1927'de faşist rejim zamanında kurulan Roma koyu bir şehir takımı.. Şehir Romalılar ve Lazio'lular olarak ikiye bölünmüş durumda, elbette Roma biraz daha önde.. Lazio faşistlerin, Roma ise halkın takımı.. Ezeli rekabette nadir yanyana görüldükleri anlar Roma polisiyle maç öncesi ya da sonrası yaşanan çatışmalar. Bu anlarda kısmen birbirlerine destek çıktıkları söylenebilir.

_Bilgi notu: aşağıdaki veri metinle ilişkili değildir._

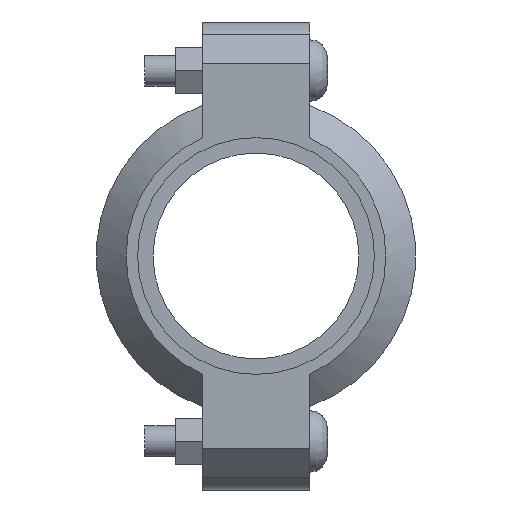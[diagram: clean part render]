
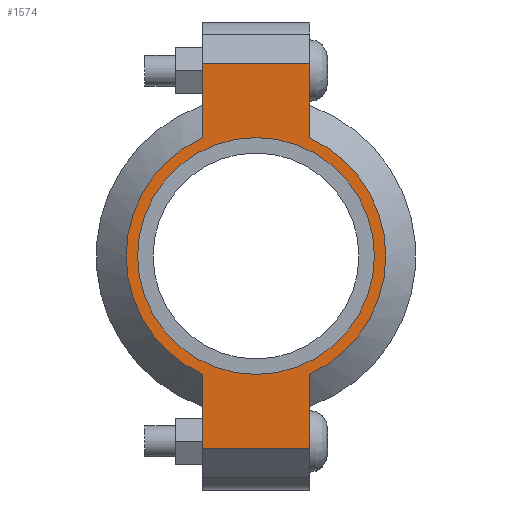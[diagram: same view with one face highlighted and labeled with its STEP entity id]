
A CAD part, left-side view. The second image highlights one B-rep face of the part: STEP entity #1574.
In plain terms, the highlighted planar face has unit normal (-1, 0, 0) as drawn and (0, 0, 1) by its records, which use the part's own axes.
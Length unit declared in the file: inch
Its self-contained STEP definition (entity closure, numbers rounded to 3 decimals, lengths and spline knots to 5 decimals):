
#198=LINE('',#2747,#291);
#206=LINE('',#2783,#299);
#213=LINE('',#2804,#306);
#222=LINE('',#2836,#315);
#223=LINE('',#2840,#316);
#224=LINE('',#2842,#317);
#291=VECTOR('',#2235,0.3937);
#299=VECTOR('',#2251,0.3937);
#306=VECTOR('',#2270,0.3937);
#315=VECTOR('',#2295,0.3937);
#316=VECTOR('',#2300,0.3937);
#317=VECTOR('',#2301,0.3937);
#373=FACE_BOUND('',#551,.T.);
#445=FACE_OUTER_BOUND('',#550,.T.);
#550=EDGE_LOOP('',(#1315,#1316,#1317,#1318,#1319,#1320,#1321,#1322));
#551=EDGE_LOOP('',(#1323));
#623=CIRCLE('',#1793,1.4375);
#649=CIRCLE('',#1852,1.575);
#650=CIRCLE('',#1853,1.575);
#715=VERTEX_POINT('',#2563);
#758=VERTEX_POINT('',#2744);
#759=VERTEX_POINT('',#2746);
#770=VERTEX_POINT('',#2778);
#771=VERTEX_POINT('',#2782);
#778=VERTEX_POINT('',#2801);
#779=VERTEX_POINT('',#2803);
#789=VERTEX_POINT('',#2839);
#790=VERTEX_POINT('',#2841);
#871=EDGE_CURVE('',#715,#715,#623,.T.);
#932=EDGE_CURVE('',#759,#758,#198,.T.);
#946=EDGE_CURVE('',#771,#770,#206,.T.);
#956=EDGE_CURVE('',#779,#778,#213,.T.);
#971=EDGE_CURVE('',#771,#758,#222,.T.);
#972=EDGE_CURVE('',#770,#779,#649,.T.);
#973=EDGE_CURVE('',#789,#778,#223,.T.);
#974=EDGE_CURVE('',#789,#790,#224,.T.);
#975=EDGE_CURVE('',#790,#759,#650,.T.);
#1315=ORIENTED_EDGE('',*,*,#971,.F.);
#1316=ORIENTED_EDGE('',*,*,#946,.T.);
#1317=ORIENTED_EDGE('',*,*,#972,.T.);
#1318=ORIENTED_EDGE('',*,*,#956,.T.);
#1319=ORIENTED_EDGE('',*,*,#973,.F.);
#1320=ORIENTED_EDGE('',*,*,#974,.T.);
#1321=ORIENTED_EDGE('',*,*,#975,.T.);
#1322=ORIENTED_EDGE('',*,*,#932,.T.);
#1323=ORIENTED_EDGE('',*,*,#871,.T.);
#1416=PLANE('',#1851);
#1574=ADVANCED_FACE('',(#445,#373),#1416,.T.);
#1793=AXIS2_PLACEMENT_3D('',#2565,#2111,#2112);
#1851=AXIS2_PLACEMENT_3D('',#2837,#2296,#2297);
#1852=AXIS2_PLACEMENT_3D('',#2838,#2298,#2299);
#1853=AXIS2_PLACEMENT_3D('',#2843,#2302,#2303);
#2111=DIRECTION('center_axis',(0.,0.,-1.));
#2112=DIRECTION('ref_axis',(-1.,0.,0.));
#2235=DIRECTION('',(-1.,0.,0.));
#2251=DIRECTION('',(1.,0.,0.));
#2270=DIRECTION('',(1.,0.,0.));
#2295=DIRECTION('',(0.,1.,0.));
#2296=DIRECTION('center_axis',(0.,0.,1.));
#2297=DIRECTION('ref_axis',(1.,0.,0.));
#2298=DIRECTION('center_axis',(0.,0.,1.));
#2299=DIRECTION('ref_axis',(-1.,0.,0.));
#2300=DIRECTION('',(0.,-1.,0.));
#2301=DIRECTION('',(-1.,0.,0.));
#2302=DIRECTION('center_axis',(0.,0.,1.));
#2303=DIRECTION('ref_axis',(-1.,0.,0.));
#2563=CARTESIAN_POINT('',(1.4375,0.,0.94));
#2565=CARTESIAN_POINT('Origin',(0.,0.,0.94));
#2744=CARTESIAN_POINT('',(-2.34,0.65,0.94));
#2746=CARTESIAN_POINT('',(-1.43462,0.65,0.94));
#2747=CARTESIAN_POINT('',(-2.84,0.65,0.94));
#2778=CARTESIAN_POINT('',(-1.43462,-0.65,0.94));
#2782=CARTESIAN_POINT('',(-2.34,-0.65,0.94));
#2783=CARTESIAN_POINT('',(2.84,-0.65,0.94));
#2801=CARTESIAN_POINT('',(2.34,-0.65,0.94));
#2803=CARTESIAN_POINT('',(1.43462,-0.65,0.94));
#2804=CARTESIAN_POINT('',(2.84,-0.65,0.94));
#2836=CARTESIAN_POINT('',(-2.34,0.325,0.94));
#2837=CARTESIAN_POINT('Origin',(0.,0.,
0.94));
#2838=CARTESIAN_POINT('Origin',(0.,0.,0.94));
#2839=CARTESIAN_POINT('',(2.34,0.65,0.94));
#2840=CARTESIAN_POINT('',(2.34,-0.325,0.94));
#2841=CARTESIAN_POINT('',(1.43462,0.65,0.94));
#2842=CARTESIAN_POINT('',(-2.84,0.65,0.94));
#2843=CARTESIAN_POINT('Origin',(0.,0.,0.94));

     Hani derler ya 40 yılda 1 diye.. Roma'nın Seria A macerası da aynen öyle.. 1942-1983-2001 yıllarında ancak 3 kez şampiyonluk yaşayabilmiş Roma güçlü ve zengin kuzeyliler arasından sıyrılıp. Başarıya endeksli günümüz endüstriyel futboluna kafa tutan Roma tarihiyle ve taraftarıyla günümüz Avrupa futbolunun önde gelen takımlarından biri... Satış mağazasının duvarı ise Roma'nın gurur tablosu.. Roma'da futbola başlayan ya da Roma'da yıldızı parlayan dünya yıldızlarının formalarıyla döşeli. Birçok yerde görmek mümkün bu mağazalardan gelmişken de bir şeyler almamak olmaz elbette. Forza Roma..!



Vatikan

     Vatikan'la ilgili sayfalar ciltler dolusu şey yazılabilir.. Kendine has sembolik bir ordusu, bayrağı, posta servisi olan ve yasama, yürütme ve yargı yetkisinin Papa'da toplandığı dünyanın en küçük yüzölçümüne sahip sembolik devleti Vatikan. Bence görülmesi gereken 3 yer San Pietro ya da Aziz Petrus Bazilikası ki çoğu insanın Vatikan diye bildiği yer, Sistine Şapeli ve Vatikan Müzeleri. Bu 3 görülmesi gereken yeri sıkı bir programla 1 güne sığdırmak mümkün. Tabi Vatikan'a çok erken saatte gelmek ve ilk olarak müzeleri gezemek şartıyla, aksi taktirde öğlen saatlerinde kuyruktan müzeye girmek işkenceye dönüşüyor.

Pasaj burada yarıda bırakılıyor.